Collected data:
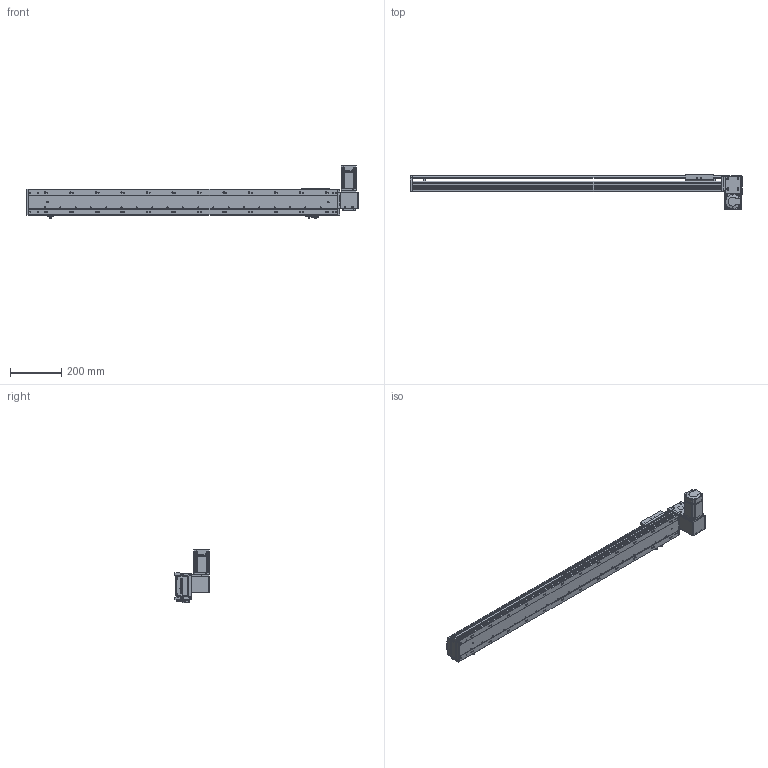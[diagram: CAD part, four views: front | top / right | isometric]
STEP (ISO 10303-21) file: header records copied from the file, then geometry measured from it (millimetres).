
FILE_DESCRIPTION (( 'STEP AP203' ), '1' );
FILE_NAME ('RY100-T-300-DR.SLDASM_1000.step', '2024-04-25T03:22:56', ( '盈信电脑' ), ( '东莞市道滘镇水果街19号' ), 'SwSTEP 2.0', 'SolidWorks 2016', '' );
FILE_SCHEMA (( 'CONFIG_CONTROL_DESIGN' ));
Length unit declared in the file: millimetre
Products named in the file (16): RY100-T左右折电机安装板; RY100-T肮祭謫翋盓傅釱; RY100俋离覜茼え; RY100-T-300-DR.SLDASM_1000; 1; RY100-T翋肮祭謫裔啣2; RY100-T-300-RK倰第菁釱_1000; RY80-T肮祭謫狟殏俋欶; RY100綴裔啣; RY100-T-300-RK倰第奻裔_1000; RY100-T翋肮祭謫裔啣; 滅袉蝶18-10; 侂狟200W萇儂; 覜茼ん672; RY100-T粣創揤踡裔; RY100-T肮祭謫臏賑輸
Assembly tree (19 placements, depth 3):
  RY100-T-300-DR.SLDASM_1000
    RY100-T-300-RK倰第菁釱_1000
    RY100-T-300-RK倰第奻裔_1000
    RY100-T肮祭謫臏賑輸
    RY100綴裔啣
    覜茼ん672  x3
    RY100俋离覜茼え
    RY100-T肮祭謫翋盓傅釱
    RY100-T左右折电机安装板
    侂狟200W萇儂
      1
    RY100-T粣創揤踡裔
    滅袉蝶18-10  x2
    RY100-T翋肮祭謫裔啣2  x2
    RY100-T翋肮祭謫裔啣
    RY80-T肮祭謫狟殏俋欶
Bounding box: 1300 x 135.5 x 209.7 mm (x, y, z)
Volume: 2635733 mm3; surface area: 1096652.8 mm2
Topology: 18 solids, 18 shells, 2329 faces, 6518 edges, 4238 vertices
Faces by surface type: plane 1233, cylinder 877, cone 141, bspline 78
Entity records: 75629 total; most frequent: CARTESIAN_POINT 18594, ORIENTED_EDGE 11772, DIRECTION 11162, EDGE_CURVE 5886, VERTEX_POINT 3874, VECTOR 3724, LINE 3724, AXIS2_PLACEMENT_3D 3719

Exercise brief —
Give back every record above exactly as written, skipping each picture.

Expected answer —
[diagram: CAD part, four views: front | top / right | isometric]
STEP (ISO 10303-21) file: header records copied from the file, then geometry measured from it (millimetres).
FILE_DESCRIPTION (( 'STEP AP203' ), '1' );
FILE_NAME ('RY100-T-300-DR.SLDASM_1000.step', '2024-04-25T03:22:56', ( '盈信电脑' ), ( '东莞市道滘镇水果街19号' ), 'SwSTEP 2.0', 'SolidWorks 2016', '' );
FILE_SCHEMA (( 'CONFIG_CONTROL_DESIGN' ));
Length unit declared in the file: millimetre
Products named in the file (16): RY100-T左右折电机安装板; RY100-T肮祭謫翋盓傅釱; RY100俋离覜茼え; RY100-T-300-DR.SLDASM_1000; 1; RY100-T翋肮祭謫裔啣2; RY100-T-300-RK倰第菁釱_1000; RY80-T肮祭謫狟殏俋欶; RY100綴裔啣; RY100-T-300-RK倰第奻裔_1000; RY100-T翋肮祭謫裔啣; 滅袉蝶18-10; 侂狟200W萇儂; 覜茼ん672; RY100-T粣創揤踡裔; RY100-T肮祭謫臏賑輸
Assembly tree (19 placements, depth 3):
  RY100-T-300-DR.SLDASM_1000
    RY100-T-300-RK倰第菁釱_1000
    RY100-T-300-RK倰第奻裔_1000
    RY100-T肮祭謫臏賑輸
    RY100綴裔啣
    覜茼ん672  x3
    RY100俋离覜茼え
    RY100-T肮祭謫翋盓傅釱
    RY100-T左右折电机安装板
    侂狟200W萇儂
      1
    RY100-T粣創揤踡裔
    滅袉蝶18-10  x2
    RY100-T翋肮祭謫裔啣2  x2
    RY100-T翋肮祭謫裔啣
    RY80-T肮祭謫狟殏俋欶
Bounding box: 1300 x 135.5 x 209.7 mm (x, y, z)
Volume: 2635733 mm3; surface area: 1096652.8 mm2
Topology: 18 solids, 18 shells, 2329 faces, 6518 edges, 4238 vertices
Faces by surface type: plane 1233, cylinder 877, cone 141, bspline 78
Entity records: 75629 total; most frequent: CARTESIAN_POINT 18594, ORIENTED_EDGE 11772, DIRECTION 11162, EDGE_CURVE 5886, VERTEX_POINT 3874, VECTOR 3724, LINE 3724, AXIS2_PLACEMENT_3D 3719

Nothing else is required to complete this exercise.